Cases were identified from a population-based, regional database of congenital anomalies for the years 1985-2006. Prenatal diagnosis, management details, tumour recurrence and outcome were obtained from case records and cross linked with a regional oncology database.
There were 754,172 live births and 28 live born infants with SCT giving a birth prevalence of 1 per 27 000 live births. There was a prenatal diagnosis in 50% of cases. No cases presenting in the neonatal period had malignant tumour present at diagnosis or subsequent tumour recurrence.
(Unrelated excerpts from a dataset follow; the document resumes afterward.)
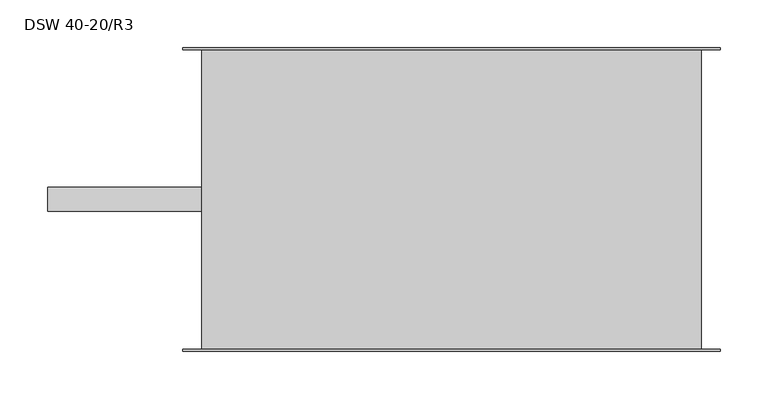
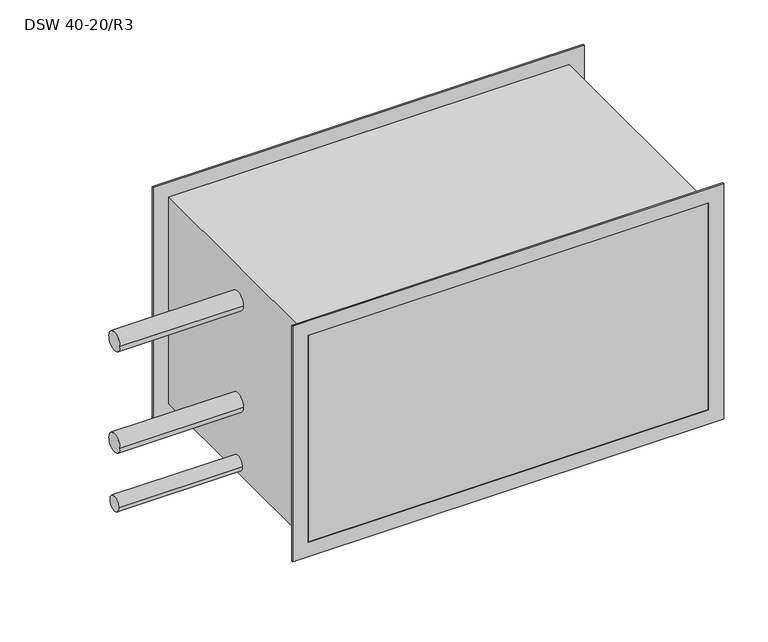
"""IFC4 building model written with IfcOpenShell, lengths in millimetres: proxy geometry, Воздухоохладитель водяной DSW : DSW 40-20/R3."""

from ifc_helpers import new_model, si_unit, point, frame, frame_2d, origin, place, context, project, spatial, polyline, circle_curve, trimmed, segment, composite_curve, outline, extrude, source, transform, mapped, element, save


def dsw_40_20_r3_bd0e4b4a(model_context):
    return source(origin(), model_context, "Body", "SweptSolid", [
        extrude(outline(composite_curve([segment(trimmed(circle_curve(frame_2d((0.0, 95.0)), 12.5), [point((-12.5, 95.0))], [point((12.5, 95.0))], False, "CARTESIAN"), True, "CONTINUOUS"), segment(trimmed(circle_curve(frame_2d((0.0, 95.0)), 12.5), [point((12.5, 95.0))], [point((-12.5, 95.0))], False, "CARTESIAN"), True, "CONTINUOUS")], self_intersect=False)), frame((-422.0, 0.0, 0.0), z_axis=(1.0, 0.0, 0.0), x_axis=(0.0, 1.0, 0.0)), (0.0, 0.0, 1.0), 161.0),
        extrude(outline(composite_curve([segment(trimmed(circle_curve(frame_2d((0.0, -129.0)), 10.0), [point((-10.0, -129.0))], [point((10.0, -129.0))], False, "CARTESIAN"), True, "CONTINUOUS"), segment(trimmed(circle_curve(frame_2d((0.0, -129.0)), 10.0), [point((10.0, -129.0))], [point((-10.0, -129.0))], False, "CARTESIAN"), True, "CONTINUOUS")], self_intersect=False)), frame((-422.0, 0.0, 0.0), z_axis=(1.0, 0.0, 0.0), x_axis=(0.0, 1.0, 0.0)), (0.0, 0.0, 1.0), 161.0),
        extrude(outline(composite_curve([segment(trimmed(circle_curve(frame_2d((0.0, -45.0)), 12.5), [point((-12.5, -45.0))], [point((12.5, -45.0))], False, "CARTESIAN"), True, "CONTINUOUS"), segment(trimmed(circle_curve(frame_2d((0.0, -45.0)), 12.5), [point((12.5, -45.0))], [point((-12.5, -45.0))], False, "CARTESIAN"), True, "CONTINUOUS")], self_intersect=False)), frame((-422.0, 0.0, 0.0), z_axis=(1.0, 0.0, 0.0), x_axis=(0.0, 1.0, 0.0)), (0.0, 0.0, 1.0), 161.0),
        extrude(outline(polyline([(162.5, 281.0), (162.5, -281.0), (-162.5, -281.0), (-162.5, 281.0), (162.5, 281.0)]), holes=[polyline([(-142.5, 261.0), (-142.5, -261.0), (142.5, -261.0), (142.5, 261.0), (-142.5, 261.0)])]), frame((0.0, 156.5, 0.0), z_axis=(0.0, 1.0, 0.0), x_axis=(0.0, 0.0, 1.0)), (0.0, 0.0, 1.0), 2.0),
        extrude(outline(polyline([(162.5, -281.0), (-162.5, -281.0), (-162.5, 281.0), (162.5, 281.0), (162.5, -281.0)]), holes=[polyline([(142.5, 261.0), (-142.5, 261.0), (-142.5, -261.0), (142.5, -261.0), (142.5, 261.0)])]), frame((0.0, -158.5, 0.0), z_axis=(0.0, 1.0, 0.0), x_axis=(0.0, 0.0, 1.0)), (0.0, 0.0, 1.0), 2.0),
        extrude(outline(polyline([(261.0, -158.5), (-261.0, -158.5), (-261.0, 158.5), (261.0, 158.5), (261.0, -158.5)])), frame((0.0, 0.0, -142.5), z_axis=(0.0, 0.0, 1.0), x_axis=(1.0, 0.0, 0.0)), (0.0, 0.0, 1.0), 285.0),
    ])


if __name__ == "__main__":
    model = new_model("IFC4")
    model_context = context("Model", 3, world=origin())
    ifc_project = project(units=[si_unit("LENGTHUNIT", "METRE", prefix="MILLI")], contexts=[model_context])
    site = spatial("IfcSite", under=ifc_project)
    building = spatial("IfcBuilding", under=site)
    placement = place(None, origin())
    dsw_40_20_r3_shape = dsw_40_20_r3_bd0e4b4a(model_context)
    element("IfcBuildingElementProxy", 1, Name="Воздухоохладитель водяной DSW : DSW 40-20/R3", ObjectType="Воздухоохладитель водяной DSW : DSW 40-20/R3", at=placement, inside=building, context=model_context, shape_type="MappedRepresentation", body=[
        mapped(dsw_40_20_r3_shape, transform((0.0, 0.0, 0.0), x_axis=(1.0, 0.0, 0.0), y_axis=(0.0, 1.0, 0.0), z_axis=(0.0, 0.0, 1.0))),
    ])
    save(model, "model.ifc")

# Revit data of these elements
# Type "Воздухоохладитель водяной DSW : DSW 40-20/R3"
#   Manufacturer = "WAER"
#   URL = "https://waer-air.com/"
#   ADSK_Система_Имя [instance default] = ""
#   ADSK_Наименование краткое = "DSW 40-20/R3"
#   ADSK_Наименование = "Воздухоохладитель водяной DSW 40-20/R3"
#   ADSK_Масса_Текст = "16.5"
#   ADSK_Марка = ""
#   ADSK_Код изделия = ""
#   ADSK_Завод-изготовитель = "WAER"
#   ADSK_Единица измерения = "шт."
#   Д = 622 mm
#   Б = 285 mm
#   А = 522 mm
#   ADSK_Расход воздуха = 0 m³/h
#   ADSK_Размер_Ширина = 400 mm
#   ADSK_Размер_Диаметр дренаж = 20 mm
#   ADSK_Размер_Диаметр ТО = 25 mm
#   ADSK_Размер_Высота = 200 mm
#   ADSK_Потеря давления воздуха = 0.0 Pa
#   ADSK_Масса = 16.5
#   ADSK_Количество = 1
#   Default Elevation = 0
#   Keynote = ""

Nine (37.5%) of the survivors had chronic morbidities.
The birth prevalence of SCT was higher than that of previously reported. Infants who were live born and survived definitive surgical management had a good prognosis.
骶尾部畸胎瘤(SCT)的出生患病率和恶性肿瘤复发情况尚未明确界定。我们开展这项研究以确定基于人群队列中SCT的出生患病率、产前检出率、肿瘤复发频率及转归。
病例来自1985 - 2006年基于人群的区域性先天性异常数据库。从病例记录中获取产前诊断、治疗细节、肿瘤复发及转归情况,并与区域性肿瘤数据库进行交叉关联。
共有754,172例活产婴儿,28例患有SCT的活产婴儿,出生患病率为每27,000例活产婴儿中有1例。50%的病例有产前诊断。新生儿期就诊的病例在诊断时或随后肿瘤复发时均无恶性肿瘤。9名(37.5%)幸存者有慢性疾病。
SCT的出生患病率高于先前报道。经确定性手术治疗存活的婴儿预后良好。